Click Here!
      "Gerçekten" haber verir 14 Mayıs 2007

Eski tarihli sayılar

Görüş, teklif ve
eleştirilerinizi
[email protected]
adresine bekliyoruz.
 

Röportaj

Hasan Hüseyin KEMAL

Son kozlarını oynuyorlar

Maalesef muhalefet partilerinin tavrı yüzünden meclis cumhurbaşkanını seçemedi. Askerin cumhurbaşkanı seçiminin birinci turundan sonra yaptığı açıklama, süreci daha da vahim hale getirdi. AKP ve ANAP krizi aşmanın bir yolu olarak cumhurbaşkanını halka seçtirme yoluna gittiler. Meclisten geçen yasanın önünde bir engel daha var o da Cumhurbaşkanı Ahmet Necdet Sezer... Anlaşılan o ki bu süreçtede bazı sıkıntılar olabileceği.

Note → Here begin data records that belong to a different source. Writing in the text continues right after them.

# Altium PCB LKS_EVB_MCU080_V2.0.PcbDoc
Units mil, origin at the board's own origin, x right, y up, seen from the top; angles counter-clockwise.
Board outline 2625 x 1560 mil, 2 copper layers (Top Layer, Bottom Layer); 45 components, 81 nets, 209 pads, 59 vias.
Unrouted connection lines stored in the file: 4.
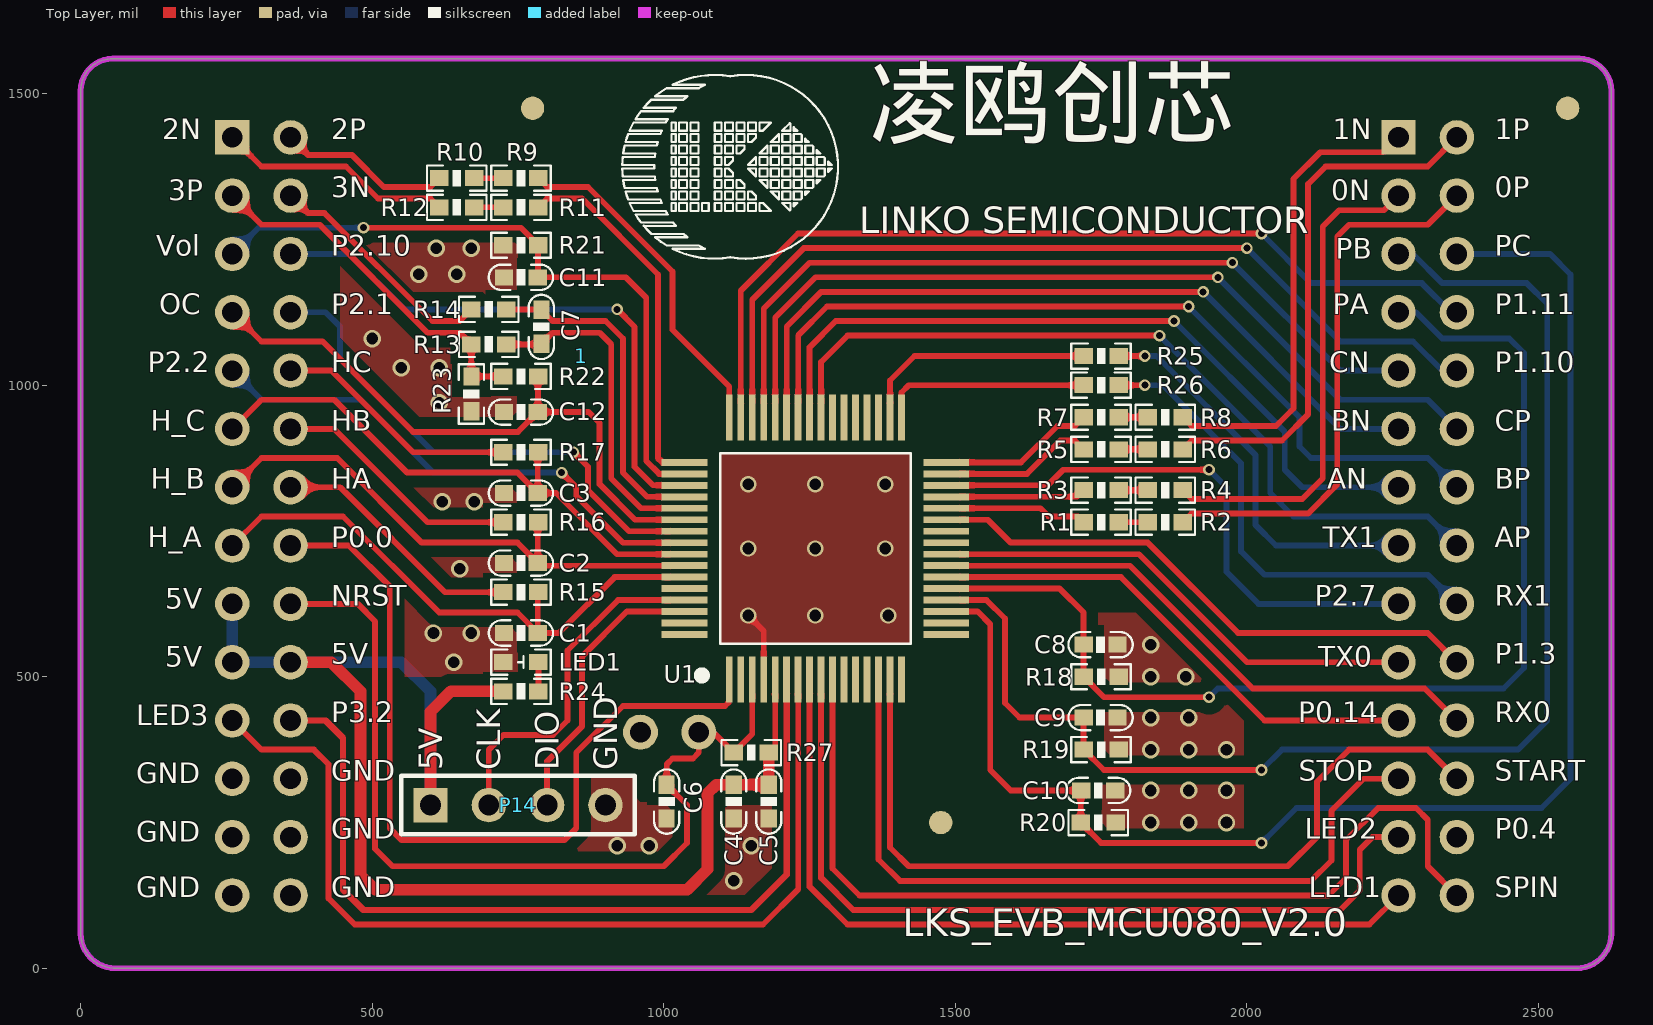
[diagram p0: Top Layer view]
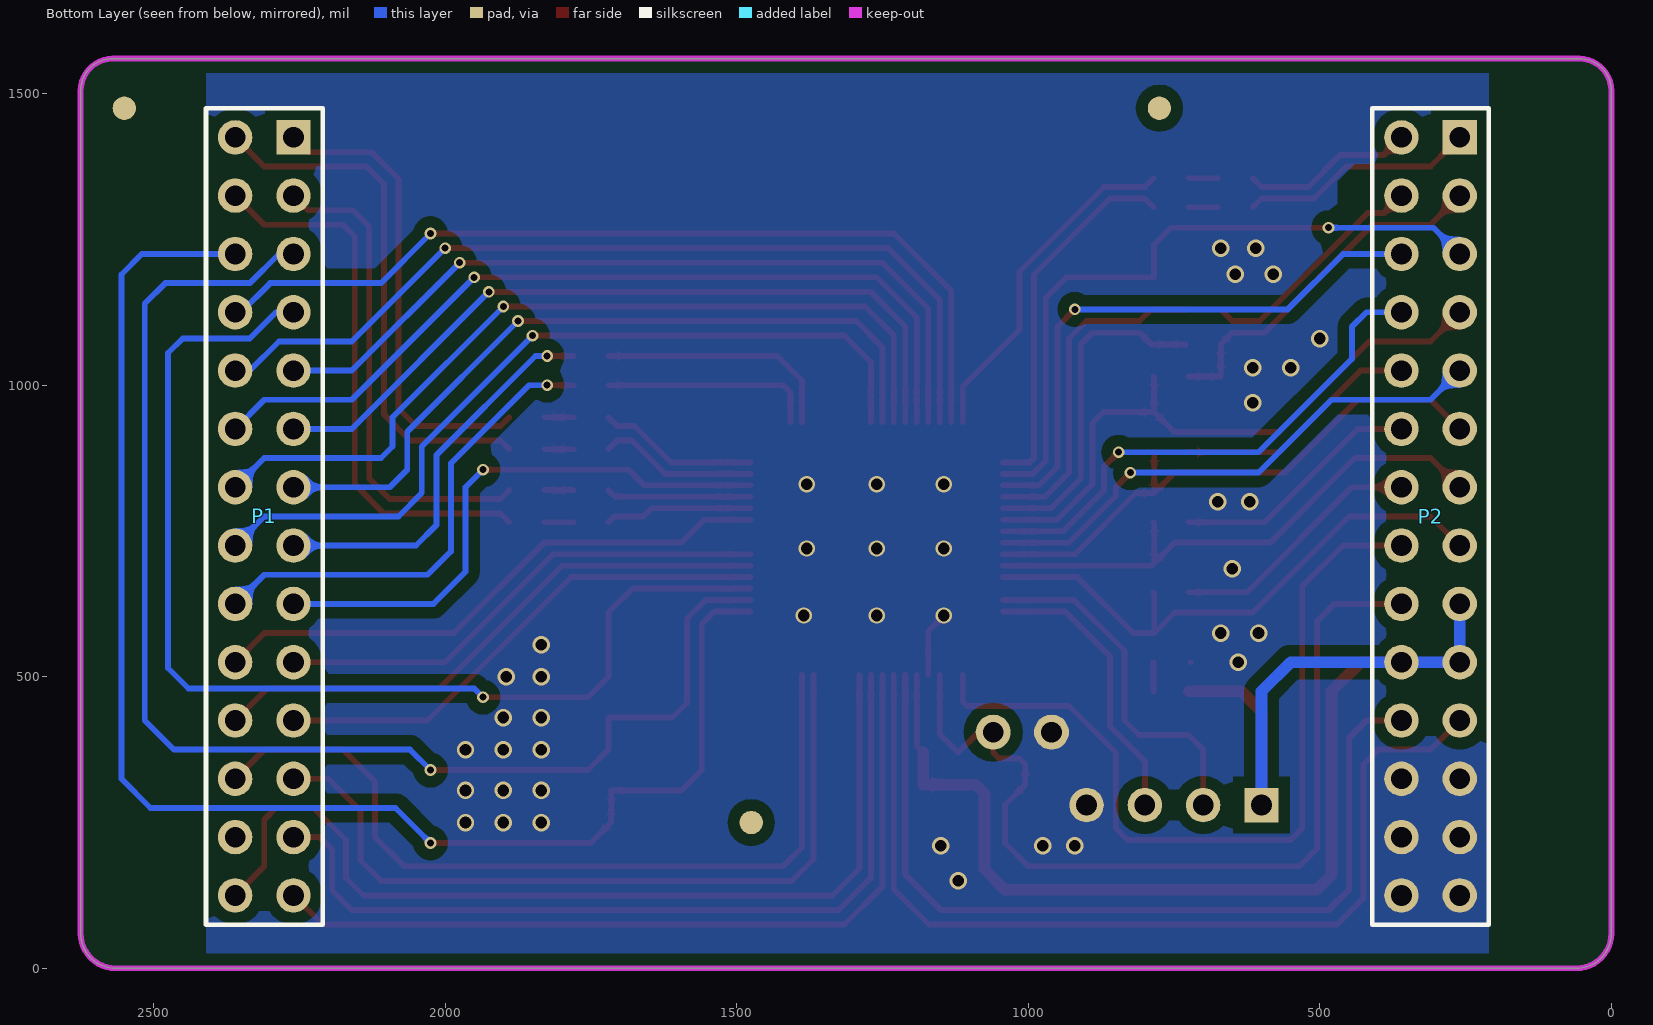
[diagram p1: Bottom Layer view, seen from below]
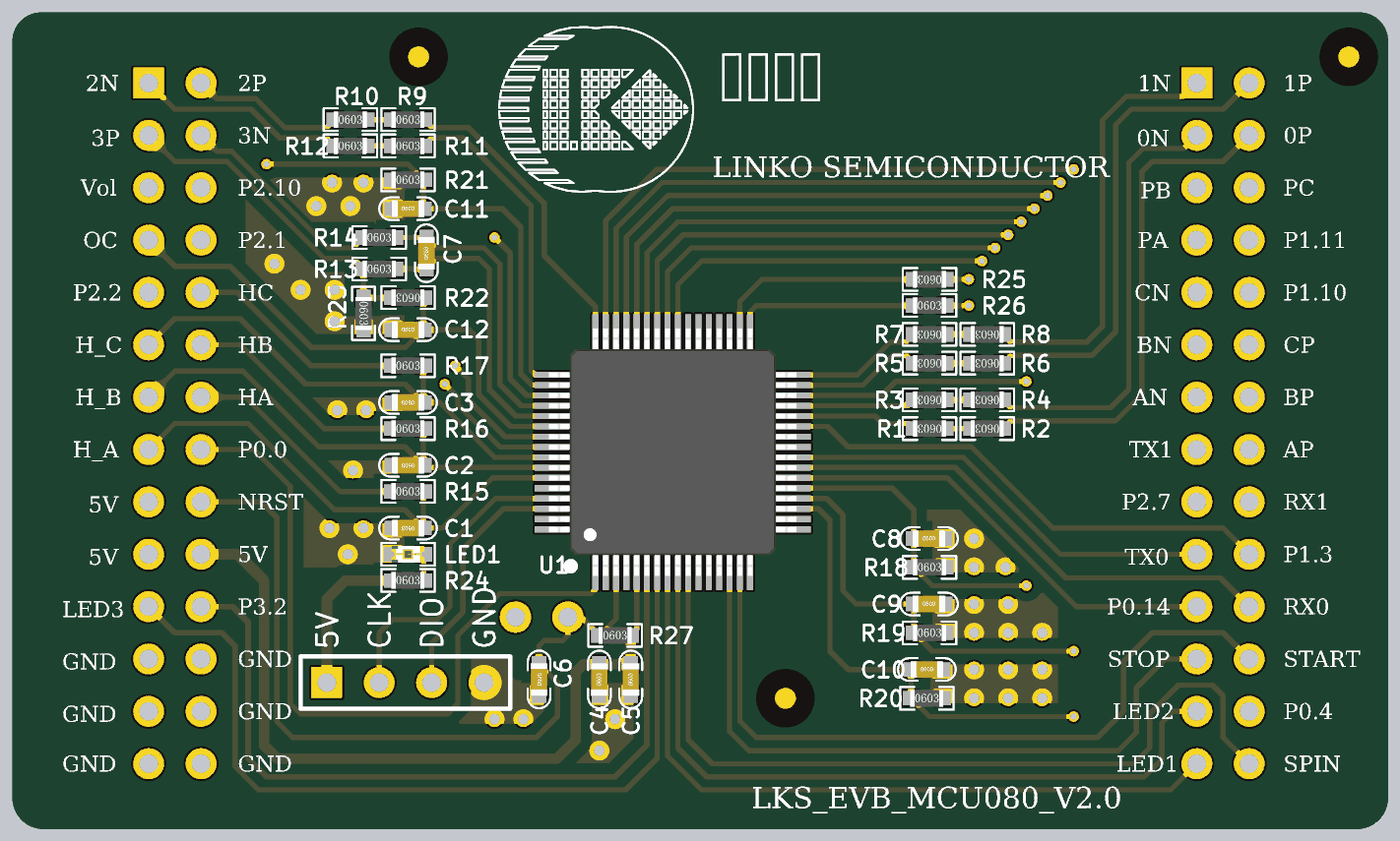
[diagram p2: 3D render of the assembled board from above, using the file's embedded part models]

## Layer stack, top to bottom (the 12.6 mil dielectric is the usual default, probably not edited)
Top Solder: solder mask 0.4, Solder Resist, Dk 3.5
Top Layer: signal copper 1.4
Dielectric1: dielectric 12.6, FR-4, Dk 4.8
Bottom Layer: signal copper 1.4
Bottom Solder: solder mask 0.4, Solder Resist, Dk 3.5

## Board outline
0,60 0,1505 cw(c55,1505) 55,1560 2570,1560 cw(c2570,1505) 2625,1505 2625,60 cw(c2565,60) 2565,0 60,0 cw(c60,60)

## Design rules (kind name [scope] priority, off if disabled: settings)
Clearance Clearance_2 [InPolygon] p1: gap=20 ignorepadtopadclearanceinfootprint=FALSE except(0: Arc-Hole Track-Hole SMDPad-Hole THPad-Hole Via-Hole Fill-Hole Poly-Hole Region-Hole Text-Hole)
Clearance Clearance_1 [All] p2: gap=0 ignorepadtopadclearanceinfootprint=FALSE
ComponentClearance [All] p1: gap=0 collisioncheckmode=3 verticalgap=0 showdistances=FALSE
FabricationTestpoint [(IsPad And (OnTopLayer Or OnBottomLayer))] p1: side=3 testpointundercomponent=TRUE minsize=40 maxsize=100 preferedsize=60 minholesize=0 maxholesize=40 preferedholesize=32 testpointgrid=1 allowsidetop=TRUE allowsidebottom=TRUE usegrid=TRUE gridtolerance=0.01
HoleSize [All] p1: absolutevalues=TRUE maxlimit=100 minlimit=0 maxpercent=80.000 minpercent=20.000
PolygonConnect [All] p1: connectstyle=Direct reliefconductorwidth=10 reliefentries=4 polygonreliefangle="90 Angle" airgapwidth=10
RoutingVias [All] p1: holewidth=28 width=50 viastyle="Through Hole" minholewidth=0 minwidth=10 maxholewidth=28 maxwidth=50
SilkToSolderMaskClearance SilkscreenOverComponentPads [IsPad] p1: minsilkscreentomaskgap=10 clearancetoexposedcopper=TRUE
SolderMaskExpansion [All] p1: expansion=4 istentingtop=FALSE
Width [All] p1: maxlimit=100 minlimit=1 preferedwidth=10
26 further rules are at their usual default settings.

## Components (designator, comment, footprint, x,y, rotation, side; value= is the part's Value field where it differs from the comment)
1 "LKS_sign" LKS_LOGO2 858.51,1050 r0 top
C1 "10nF/16V" 0603C 755,575 r180 top
C2 "10nF/16V" 0603C 755,695 r180 top
C3 "10nF/16V" 0603C 755,815 r180 top
C4 "10uF/10V" 0603C 1120,285.95 r90 top
C5 "100nF/50V" 0603C 1180,285.95 r90 top
C6 "100nF/50V" 0603C 1005,286 r270 top
C7 "1nF/50V" 0603C 790,1100 r90 top
C8 "1nF/50V" 0603C 1749,555 r0 top
C9 "1nF/50V" 0603C 1749,430 r0 top
C10 "1nF/50V" 0603C 1745,305 r0 top
C11 "100nF/50V" 0603C 755,1185 r0 top
C12 "1nF/50V" 0603C 755,953.86 r0 top
LED1 "LED" "LED 0603R" 755,525 r180 top
P1 "Header 14X2A" HDR2X14_CEN 2260,1425 r270 bottom
P2 "Header 14X2A" HDR2X14_CEN 260,1425 r270 bottom
P14 "Header 4" HDR1X4 600,280 r0 top
R1 "20K1%" 0603R 1750,765 r180 top value=K
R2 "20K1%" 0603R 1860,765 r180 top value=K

Biz de bu tartışmaları İngiltere'den takip eden gazeteci Koray Düzgören'le Türkiye'nin yaşadığı süreci değerlendirmeye çalıştık. Düzgören Türkiye'de değişimin ve demokratikleşmenin kaçınılmaz olduğunnu, buna ayak direten kesiminde artık son kozlarını oynadığını söylüyor. Dileriz Türkiye müreffeh, medeni dünyanın en saygın devleti olur. Dileriz bu yolda daha fazla acı yaşanmaz...

*İngiltere’den bakınca son gelişmeleri nasıl yorumluyorsunuz? Türkiye dünya ülkeleri için nasıl bir imaj verdi?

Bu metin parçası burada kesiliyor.